== SUPPLIED RECORDS

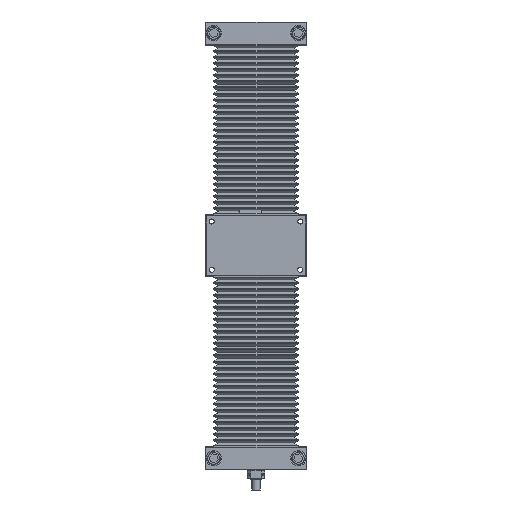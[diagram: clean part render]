
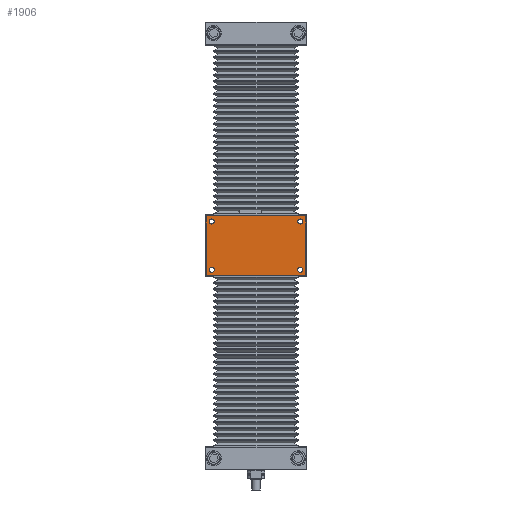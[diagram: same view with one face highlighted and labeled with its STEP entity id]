
A CAD part, front view. The second image highlights one B-rep face of the part: STEP entity #1906.
In plain terms, the highlighted planar face has unit normal (0, -1, 0).
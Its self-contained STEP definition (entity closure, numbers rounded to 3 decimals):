
#1153 = PLANE ( 'NONE',  #3818 ) ;
#1657 = CARTESIAN_POINT ( 'NONE',  ( 44., -18., 51.5 ) ) ;
#1716 = FACE_BOUND ( 'NONE', #8743, .T. ) ;
#1773 = AXIS2_PLACEMENT_3D ( 'NONE', #24036, #18139, #35605 ) ;
#1894 = CARTESIAN_POINT ( 'NONE',  ( 44., -18., 6. ) ) ;
#1906 = ADVANCED_FACE ( 'NONE', ( #4011, #27236, #27791, #1716, #7641 ), #1153, .F. ) ;
#2201 = VECTOR ( 'NONE', #36287, 1000. ) ;
#2971 = CIRCLE ( 'NONE', #22418, 2.5 ) ;
#3548 = CARTESIAN_POINT ( 'NONE',  ( 44., -18., 8.5 ) ) ;
#3818 = AXIS2_PLACEMENT_3D ( 'NONE', #13348, #13526, #24381 ) ;
#4011 = FACE_OUTER_BOUND ( 'NONE', #27448, .T. ) ;
#4194 = ORIENTED_EDGE ( 'NONE', *, *, #5084, .T. ) ;
#4351 = CARTESIAN_POINT ( 'NONE',  ( -49.5, -18., 60. ) ) ;
#4458 = CARTESIAN_POINT ( 'NONE',  ( -44., -18., 51.5 ) ) ;
#4539 = ORIENTED_EDGE ( 'NONE', *, *, #16270, .T. ) ;
#4640 = VECTOR ( 'NONE', #8742, 1000. ) ;
#4784 = ORIENTED_EDGE ( 'NONE', *, *, #27985, .T. ) ;
#5084 = EDGE_CURVE ( 'NONE', #18155, #13048, #11210, .T. ) ;
#5118 = CARTESIAN_POINT ( 'NONE',  ( -44., -18., 56.5 ) ) ;
#5199 = ORIENTED_EDGE ( 'NONE', *, *, #31041, .T. ) ;
#6300 = CARTESIAN_POINT ( 'NONE',  ( -49.5, -18., 0.5 ) ) ;
#6456 = DIRECTION ( 'NONE',  ( 0., 1., 0. ) ) ;
#7255 = AXIS2_PLACEMENT_3D ( 'NONE', #1894, #27218, #18651 ) ;
#7312 = CIRCLE ( 'NONE', #20069, 2.5 ) ;
#7576 = LINE ( 'NONE', #28092, #31982 ) ;
#7641 = FACE_BOUND ( 'NONE', #31130, .T. ) ;
#8237 = EDGE_CURVE ( 'NONE', #18536, #9568, #34453, .T. ) ;
#8449 = VECTOR ( 'NONE', #19490, 1000. ) ;
#8450 = EDGE_LOOP ( 'NONE', ( #25493, #4194 ) ) ;
#8742 = DIRECTION ( 'NONE',  ( -1., 0., 0. ) ) ;
#8743 = EDGE_LOOP ( 'NONE', ( #30786, #19231 ) ) ;
#8906 = CARTESIAN_POINT ( 'NONE',  ( 44., -18., 54. ) ) ;
#9045 = DIRECTION ( 'NONE',  ( 0., 1., 0. ) ) ;
#9102 = ORIENTED_EDGE ( 'NONE', *, *, #28310, .T. ) ;
#9314 = VERTEX_POINT ( 'NONE', #6300 ) ;
#9568 = VERTEX_POINT ( 'NONE', #5118 ) ;
#10365 = LINE ( 'NONE', #22141, #8449 ) ;
#10774 = CARTESIAN_POINT ( 'NONE',  ( 44., -18., 6. ) ) ;
#11194 = ORIENTED_EDGE ( 'NONE', *, *, #33727, .T. ) ;
#11210 = CIRCLE ( 'NONE', #14842, 2.5 ) ;
#11407 = DIRECTION ( 'NONE',  ( 0., 1., 0. ) ) ;
#11558 = DIRECTION ( 'NONE',  ( 0., 1., 0. ) ) ;
#11607 = DIRECTION ( 'NONE',  ( 0., 0., 1. ) ) ;
#13048 = VERTEX_POINT ( 'NONE', #33270 ) ;
#13340 = CIRCLE ( 'NONE', #7255, 2.5 ) ;
#13348 = CARTESIAN_POINT ( 'NONE',  ( -50., -18., 60. ) ) ;
#13526 = DIRECTION ( 'NONE',  ( 0., 1., 0. ) ) ;
#14242 = LINE ( 'NONE', #17852, #4640 ) ;
#14842 = AXIS2_PLACEMENT_3D ( 'NONE', #29458, #6456, #20531 ) ;
#15013 = AXIS2_PLACEMENT_3D ( 'NONE', #10774, #25225, #33961 ) ;
#15042 = VERTEX_POINT ( 'NONE', #28302 ) ;
#15579 = CARTESIAN_POINT ( 'NONE',  ( 49.5, -18., 0.5 ) ) ;
#15954 = LINE ( 'NONE', #4351, #2201 ) ;
#16270 = EDGE_CURVE ( 'NONE', #15042, #9314, #15954, .T. ) ;
#16344 = ORIENTED_EDGE ( 'NONE', *, *, #8237, .T. ) ;
#16762 = EDGE_CURVE ( 'NONE', #25538, #31209, #18060, .T. ) ;
#16887 = ORIENTED_EDGE ( 'NONE', *, *, #18714, .T. ) ;
#16920 = DIRECTION ( 'NONE',  ( 0., 0., 1. ) ) ;
#17852 = CARTESIAN_POINT ( 'NONE',  ( -50., -18., 59.5 ) ) ;
#18060 = CIRCLE ( 'NONE', #15013, 2.5 ) ;
#18139 = DIRECTION ( 'NONE',  ( 0., 1., 0. ) ) ;
#18155 = VERTEX_POINT ( 'NONE', #35364 ) ;
#18219 = EDGE_LOOP ( 'NONE', ( #11194, #16344 ) ) ;
#18536 = VERTEX_POINT ( 'NONE', #4458 ) ;
#18651 = DIRECTION ( 'NONE',  ( 0., 0., 1. ) ) ;
#18714 = EDGE_CURVE ( 'NONE', #25966, #35169, #10365, .T. ) ;
#19231 = ORIENTED_EDGE ( 'NONE', *, *, #16762, .T. ) ;
#19490 = DIRECTION ( 'NONE',  ( 0., 0., 1. ) ) ;
#20030 = CARTESIAN_POINT ( 'NONE',  ( 44., -18., 3.5 ) ) ;
#20069 = AXIS2_PLACEMENT_3D ( 'NONE', #36825, #9045, #22392 ) ;
#20531 = DIRECTION ( 'NONE',  ( 0., 0., 1. ) ) ;
#21052 = DIRECTION ( 'NONE',  ( 0., 0., 1. ) ) ;
#21252 = CIRCLE ( 'NONE', #37624, 2.5 ) ;
#22141 = CARTESIAN_POINT ( 'NONE',  ( 49.5, -18., 60. ) ) ;
#22392 = DIRECTION ( 'NONE',  ( 0., 0., 1. ) ) ;
#22418 = AXIS2_PLACEMENT_3D ( 'NONE', #8906, #11558, #21052 ) ;
#24036 = CARTESIAN_POINT ( 'NONE',  ( 44., -18., 54. ) ) ;
#24381 = DIRECTION ( 'NONE',  ( 0., 0., 1. ) ) ;
#25225 = DIRECTION ( 'NONE',  ( 0., 1., 0. ) ) ;
#25493 = ORIENTED_EDGE ( 'NONE', *, *, #34272, .T. ) ;
#25538 = VERTEX_POINT ( 'NONE', #20030 ) ;
#25966 = VERTEX_POINT ( 'NONE', #15579 ) ;
#26055 = CARTESIAN_POINT ( 'NONE',  ( -44., -18., 54. ) ) ;
#27218 = DIRECTION ( 'NONE',  ( 0., 1., 0. ) ) ;
#27236 = FACE_BOUND ( 'NONE', #8450, .T. ) ;
#27448 = EDGE_LOOP ( 'NONE', ( #4784, #4539, #9102, #16887 ) ) ;
#27791 = FACE_BOUND ( 'NONE', #18219, .T. ) ;
#27985 = EDGE_CURVE ( 'NONE', #35169, #15042, #14242, .T. ) ;
#28092 = CARTESIAN_POINT ( 'NONE',  ( -50., -18., 0.5 ) ) ;
#28302 = CARTESIAN_POINT ( 'NONE',  ( -49.5, -18., 59.5 ) ) ;
#28310 = EDGE_CURVE ( 'NONE', #9314, #25966, #7576, .T. ) ;
#29006 = VERTEX_POINT ( 'NONE', #30623 ) ;
#29127 = CIRCLE ( 'NONE', #1773, 2.5 ) ;
#29458 = CARTESIAN_POINT ( 'NONE',  ( -44., -18., 6. ) ) ;
#30623 = CARTESIAN_POINT ( 'NONE',  ( 44., -18., 56.5 ) ) ;
#30786 = ORIENTED_EDGE ( 'NONE', *, *, #33576, .T. ) ;
#30835 = AXIS2_PLACEMENT_3D ( 'NONE', #26055, #37626, #11607 ) ;
#31041 = EDGE_CURVE ( 'NONE', #34055, #29006, #2971, .T. ) ;
#31130 = EDGE_LOOP ( 'NONE', ( #36007, #5199 ) ) ;
#31209 = VERTEX_POINT ( 'NONE', #3548 ) ;
#31320 = DIRECTION ( 'NONE',  ( 1., 0., 0. ) ) ;
#31552 = EDGE_CURVE ( 'NONE', #29006, #34055, #29127, .T. ) ;
#31750 = CARTESIAN_POINT ( 'NONE',  ( -44., -18., 54. ) ) ;
#31982 = VECTOR ( 'NONE', #31320, 1000. ) ;
#33270 = CARTESIAN_POINT ( 'NONE',  ( -44., -18., 8.5 ) ) ;
#33576 = EDGE_CURVE ( 'NONE', #31209, #25538, #13340, .T. ) ;
#33727 = EDGE_CURVE ( 'NONE', #9568, #18536, #21252, .T. ) ;
#33961 = DIRECTION ( 'NONE',  ( 0., 0., 1. ) ) ;
#34055 = VERTEX_POINT ( 'NONE', #1657 ) ;
#34272 = EDGE_CURVE ( 'NONE', #13048, #18155, #7312, .T. ) ;
#34453 = CIRCLE ( 'NONE', #30835, 2.5 ) ;
#35169 = VERTEX_POINT ( 'NONE', #36875 ) ;
#35364 = CARTESIAN_POINT ( 'NONE',  ( -44., -18., 3.5 ) ) ;
#35605 = DIRECTION ( 'NONE',  ( 0., 0., 1. ) ) ;
#36007 = ORIENTED_EDGE ( 'NONE', *, *, #31552, .T. ) ;
#36287 = DIRECTION ( 'NONE',  ( 0., 0., -1. ) ) ;
#36825 = CARTESIAN_POINT ( 'NONE',  ( -44., -18., 6. ) ) ;
#36875 = CARTESIAN_POINT ( 'NONE',  ( 49.5, -18., 59.5 ) ) ;
#37624 = AXIS2_PLACEMENT_3D ( 'NONE', #31750, #11407, #16920 ) ;
#37626 = DIRECTION ( 'NONE',  ( 0., 1., 0. ) ) ;
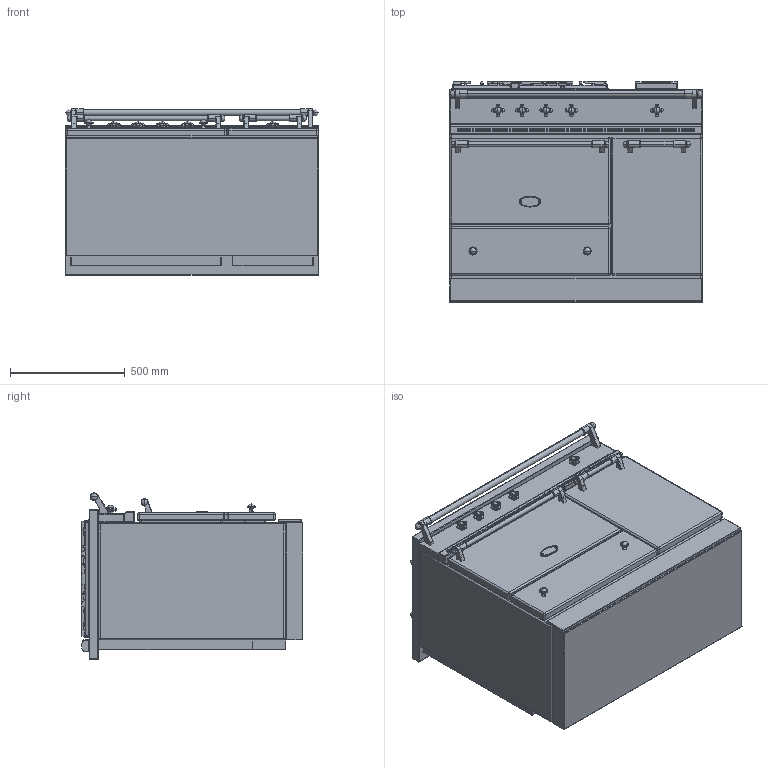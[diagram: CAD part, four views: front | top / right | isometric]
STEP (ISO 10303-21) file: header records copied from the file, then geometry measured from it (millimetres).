
FILE_DESCRIPTION((''),'2;1');
FILE_NAME('LG1132_SAVIGNY_ASM','2021-12-02T10:00:20',('r.avril'),(''),'CREO PARAMETRIC BY PTC INC, 2017260','CREO PARAMETRIC BY PTC INC, 2017260','');
FILE_SCHEMA(('AP203_CONFIGURATION_CONTROLLED_3D_DESIGN_OF_MECHANICAL_PARTS_AND_ASSEMBLIES_MIM_LF { 1 0 10303 403 2 1 2 }'));
Products named in the file (26): BASE_EXPORT_CHAMBERTIN_LG1131; 65650003; 65650004; 6531940; 6531941; 6531943; 65049009; 65650001; 6538399; 1931942; 65080022_AF0; 6531942_ASM; BASE_EXPORT_SAVIGNY_LG1132_ASM; TABLE_1105D_CLASSIQUE_3_FEUX; 5KW; 1_5KW; 3KW; 6537025; 65149005; 90000488_ASM; 6537023; 90000565_ASM; CHEMINEE_2020_LG182_EXPORT_STEP; CHEMINEE_2020_LG371_EXPORT_STEP; TABLE_1105D_CLASSIQUE_3_FEUX_ASM; LG1132_SAVIGNY_ASM
Assembly tree (40 placements, depth 4):
  LG1132_SAVIGNY_ASM
    BASE_EXPORT_SAVIGNY_LG1132_ASM
      BASE_EXPORT_CHAMBERTIN_LG1131
      65650003
      65650004
      6531940  x2
      6531941  x2
      6531943  x2
      65049009
      65650001
      6531942_ASM  x5
        6538399
        1931942
        65080022_AF0
    TABLE_1105D_CLASSIQUE_3_FEUX_ASM
      TABLE_1105D_CLASSIQUE_3_FEUX
      5KW
      1_5KW
      3KW
      90000488_ASM  x2
        6537025
        65149005
      90000565_ASM
        6537023
        65149005  x4
      CHEMINEE_2020_LG182_EXPORT_STEP
      CHEMINEE_2020_LG371_EXPORT_STEP
Bounding box: 1105 x 965 x 724 mm (x, y, z)
Volume: 401219829.5 mm3; surface area: 10338296.2 mm2
Topology: 54 solids, 62 shells, 5846 faces, 14950 edges, 9215 vertices
Faces by surface type: plane 2325, cylinder 1829, bspline 815, cone 259, torus 238, sphere 206, extrusion 162, revolution 12
Entity records: 157419 total; most frequent: CARTESIAN_POINT 49485, ORIENTED_EDGE 18586, DIRECTION 16672, EDGE_CURVE 9303, VERTEX_POINT 5754, AXIS2_PLACEMENT_3D 5722, VECTOR 5147, LINE 5097
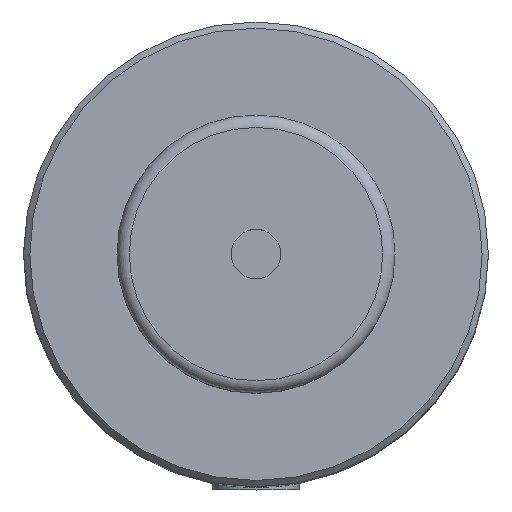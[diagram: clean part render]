
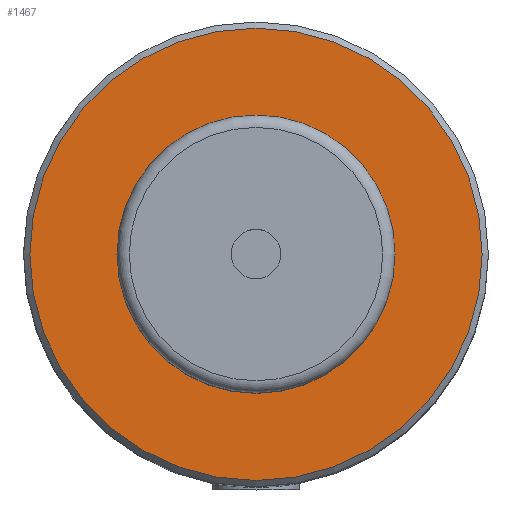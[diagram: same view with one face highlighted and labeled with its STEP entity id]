
A CAD part, top view. The second image highlights one B-rep face of the part: STEP entity #1467.
In plain terms, the highlighted planar face has unit normal (0, 0, 1).
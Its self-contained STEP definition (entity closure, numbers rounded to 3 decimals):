
#1447 = VERTEX_POINT('',#1448);
#1448 = CARTESIAN_POINT('',(36.6,0.,83.));
#1456 = EDGE_CURVE('',#1447,#1447,#1457,.T.);
#1457 = CIRCLE('',#1458,36.6);
#1458 = AXIS2_PLACEMENT_3D('',#1459,#1460,#1461);
#1459 = CARTESIAN_POINT('',(0.,0.,83.));
#1460 = DIRECTION('',(0.,0.,1.));
#1461 = DIRECTION('',(1.,0.,0.));
#1467 = ADVANCED_FACE('',(#1468),#1471,.T.);
#1468 = FACE_BOUND('',#1469,.T.);
#1469 = EDGE_LOOP('',(#1470));
#1470 = ORIENTED_EDGE('',*,*,#1456,.T.);
#1471 = PLANE('',#1472);
#1472 = AXIS2_PLACEMENT_3D('',#1473,#1474,#1475);
#1473 = CARTESIAN_POINT('',(0.,0.,83.));
#1474 = DIRECTION('',(0.,0.,1.));
#1475 = DIRECTION('',(1.,0.,0.));
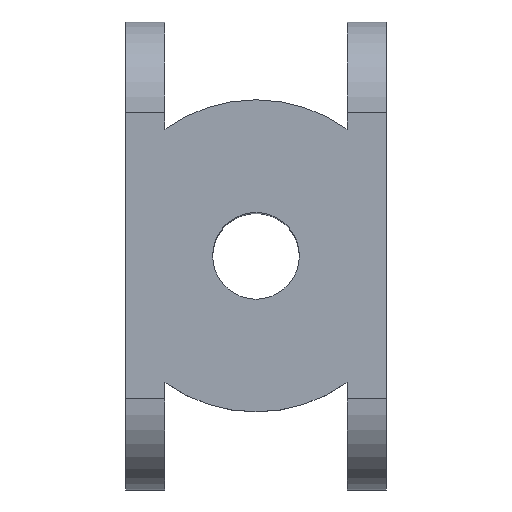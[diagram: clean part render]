
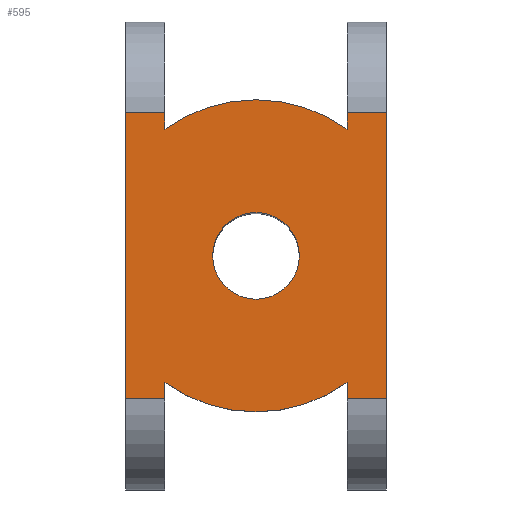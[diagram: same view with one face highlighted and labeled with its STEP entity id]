
A CAD part, top view. The second image highlights one B-rep face of the part: STEP entity #595.
In plain terms, the highlighted planar face has unit normal (0, 0, 1).
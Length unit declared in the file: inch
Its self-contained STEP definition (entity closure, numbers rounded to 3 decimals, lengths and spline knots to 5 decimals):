
#50=LINE('',#901,#106);
#53=LINE('',#915,#109);
#56=LINE('',#932,#112);
#57=LINE('',#938,#113);
#59=LINE('',#943,#115);
#63=LINE('',#950,#119);
#65=LINE('',#962,#121);
#66=LINE('',#970,#122);
#67=LINE('',#972,#123);
#68=LINE('',#975,#124);
#106=VECTOR('',#723,0.07833);
#109=VECTOR('',#738,0.07833);
#112=VECTOR('',#757,0.1875);
#113=VECTOR('',#762,0.1875);
#115=VECTOR('',#768,1.375);
#119=VECTOR('',#774,0.07833);
#121=VECTOR('',#788,0.1875);
#122=VECTOR('',#799,0.1875);
#123=VECTOR('',#802,1.375);
#124=VECTOR('',#805,0.07833);
#147=PLANE('',#652);
#163=FACE_BOUND('',#243,.T.);
#195=FACE_OUTER_BOUND('',#242,.T.);
#242=EDGE_LOOP('',(#535,#536,#537,#538,#539,#540,#541,#542,#543,#544,#545,
#546));
#243=EDGE_LOOP('',(#547));
#246=CIRCLE('',#601,0.2085);
#264=CIRCLE('',#648,0.75);
#266=CIRCLE('',#651,0.75);
#268=VERTEX_POINT('',#826);
#292=VERTEX_POINT('',#898);
#293=VERTEX_POINT('',#900);
#297=VERTEX_POINT('',#912);
#298=VERTEX_POINT('',#914);
#304=VERTEX_POINT('',#930);
#305=VERTEX_POINT('',#934);
#307=VERTEX_POINT('',#937);
#310=VERTEX_POINT('',#948);
#314=VERTEX_POINT('',#961);
#315=VERTEX_POINT('',#966);
#316=VERTEX_POINT('',#968);
#317=VERTEX_POINT('',#974);
#320=EDGE_CURVE('',#268,#268,#246,.T.);
#356=EDGE_CURVE('',#293,#292,#50,.T.);
#363=EDGE_CURVE('',#297,#298,#53,.T.);
#371=EDGE_CURVE('',#297,#304,#56,.T.);
#373=EDGE_CURVE('',#305,#307,#57,.T.);
#376=EDGE_CURVE('',#304,#307,#59,.T.);
#380=EDGE_CURVE('',#310,#305,#63,.T.);
#385=EDGE_CURVE('',#293,#314,#65,.T.);
#389=EDGE_CURVE('',#315,#316,#66,.T.);
#390=EDGE_CURVE('',#314,#316,#67,.T.);
#391=EDGE_CURVE('',#317,#315,#68,.T.);
#394=EDGE_CURVE('',#310,#317,#264,.T.);
#396=EDGE_CURVE('',#292,#298,#266,.T.);
#535=ORIENTED_EDGE('',*,*,#394,.T.);
#536=ORIENTED_EDGE('',*,*,#391,.T.);
#537=ORIENTED_EDGE('',*,*,#389,.T.);
#538=ORIENTED_EDGE('',*,*,#390,.F.);
#539=ORIENTED_EDGE('',*,*,#385,.F.);
#540=ORIENTED_EDGE('',*,*,#356,.T.);
#541=ORIENTED_EDGE('',*,*,#396,.T.);
#542=ORIENTED_EDGE('',*,*,#363,.F.);
#543=ORIENTED_EDGE('',*,*,#371,.T.);
#544=ORIENTED_EDGE('',*,*,#376,.T.);
#545=ORIENTED_EDGE('',*,*,#373,.F.);
#546=ORIENTED_EDGE('',*,*,#380,.F.);
#547=ORIENTED_EDGE('',*,*,#320,.T.);
#595=ADVANCED_FACE('',(#195,#163),#147,.T.);
#601=AXIS2_PLACEMENT_3D('',#827,#660,#661);
#648=AXIS2_PLACEMENT_3D('',#980,#810,#811);
#651=AXIS2_PLACEMENT_3D('',#983,#816,#817);
#652=AXIS2_PLACEMENT_3D('',#984,#818,#819);
#660=DIRECTION('center_axis',(0.,0.,-1.));
#661=DIRECTION('ref_axis',(1.,0.,0.));
#723=DIRECTION('',(0.,-1.,0.));
#738=DIRECTION('',(0.,-1.,0.));
#757=DIRECTION('',(-1.,0.,0.));
#762=DIRECTION('',(-1.,0.,0.));
#768=DIRECTION('',(0.,-1.,0.));
#774=DIRECTION('',(0.,-1.,0.));
#788=DIRECTION('',(1.,0.,0.));
#799=DIRECTION('',(1.,0.,0.));
#802=DIRECTION('',(0.,-1.,0.));
#805=DIRECTION('',(0.,-1.,0.));
#810=DIRECTION('center_axis',(0.,0.,1.));
#811=DIRECTION('ref_axis',(-0.583,-0.812,0.));
#816=DIRECTION('center_axis',(0.,0.,1.));
#817=DIRECTION('ref_axis',(0.583,0.812,0.));
#818=DIRECTION('center_axis',(0.,0.,1.));
#819=DIRECTION('ref_axis',(1.,0.,0.));
#826=CARTESIAN_POINT('',(0.2085,0.,0.));
#827=CARTESIAN_POINT('Origin',(0.,0.,0.));
#898=CARTESIAN_POINT('',(0.4375,0.60917,0.));
#900=CARTESIAN_POINT('',(0.4375,0.6875,0.));
#901=CARTESIAN_POINT('',(0.4375,-0.60917,0.));
#912=CARTESIAN_POINT('',(-0.4375,0.6875,0.));
#914=CARTESIAN_POINT('',(-0.4375,0.60917,0.));
#915=CARTESIAN_POINT('',(-0.4375,-0.60917,0.));
#930=CARTESIAN_POINT('',(-0.625,0.6875,0.));
#932=CARTESIAN_POINT('',(-0.4375,0.6875,0.));
#934=CARTESIAN_POINT('',(-0.4375,-0.6875,0.));
#937=CARTESIAN_POINT('',(-0.625,-0.6875,0.));
#938=CARTESIAN_POINT('',(-0.4375,-0.6875,0.));
#943=CARTESIAN_POINT('',(-0.625,0.75,0.));
#948=CARTESIAN_POINT('',(-0.4375,-0.60917,0.));
#950=CARTESIAN_POINT('',(-0.4375,-0.60917,0.));
#961=CARTESIAN_POINT('',(0.625,0.6875,0.));
#962=CARTESIAN_POINT('',(0.4375,0.6875,0.));
#966=CARTESIAN_POINT('',(0.4375,-0.6875,0.));
#968=CARTESIAN_POINT('',(0.625,-0.6875,0.));
#970=CARTESIAN_POINT('',(0.4375,-0.6875,0.));
#972=CARTESIAN_POINT('',(0.625,0.75,0.));
#974=CARTESIAN_POINT('',(0.4375,-0.60917,0.));
#975=CARTESIAN_POINT('',(0.4375,-0.60917,0.));
#980=CARTESIAN_POINT('Origin',(0.,0.,0.));
#983=CARTESIAN_POINT('Origin',(0.,0.,0.));
#984=CARTESIAN_POINT('Origin',(0.,0.,0.));

====

== YOUR INSTRUCTIONS ==
In the entries above, please find the line with "#59=LINE('',#943,#115);" and the line with "#298=VERTEX_POINT('',#914);", then write out exactly those two lines and every line between them, and nothing more.

== ANSWER TO THE EXERCISE ==
#59=LINE('',#943,#115);
#63=LINE('',#950,#119);
#65=LINE('',#962,#121);
#66=LINE('',#970,#122);
#67=LINE('',#972,#123);
#68=LINE('',#975,#124);
#106=VECTOR('',#723,0.07833);
#109=VECTOR('',#738,0.07833);
#112=VECTOR('',#757,0.1875);
#113=VECTOR('',#762,0.1875);
#115=VECTOR('',#768,1.375);
#119=VECTOR('',#774,0.07833);
#121=VECTOR('',#788,0.1875);
#122=VECTOR('',#799,0.1875);
#123=VECTOR('',#802,1.375);
#124=VECTOR('',#805,0.07833);
#147=PLANE('',#652);
#163=FACE_BOUND('',#243,.T.);
#195=FACE_OUTER_BOUND('',#242,.T.);
#242=EDGE_LOOP('',(#535,#536,#537,#538,#539,#540,#541,#542,#543,#544,#545,
#546));
#243=EDGE_LOOP('',(#547));
#246=CIRCLE('',#601,0.2085);
#264=CIRCLE('',#648,0.75);
#266=CIRCLE('',#651,0.75);
#268=VERTEX_POINT('',#826);
#292=VERTEX_POINT('',#898);
#293=VERTEX_POINT('',#900);
#297=VERTEX_POINT('',#912);
#298=VERTEX_POINT('',#914);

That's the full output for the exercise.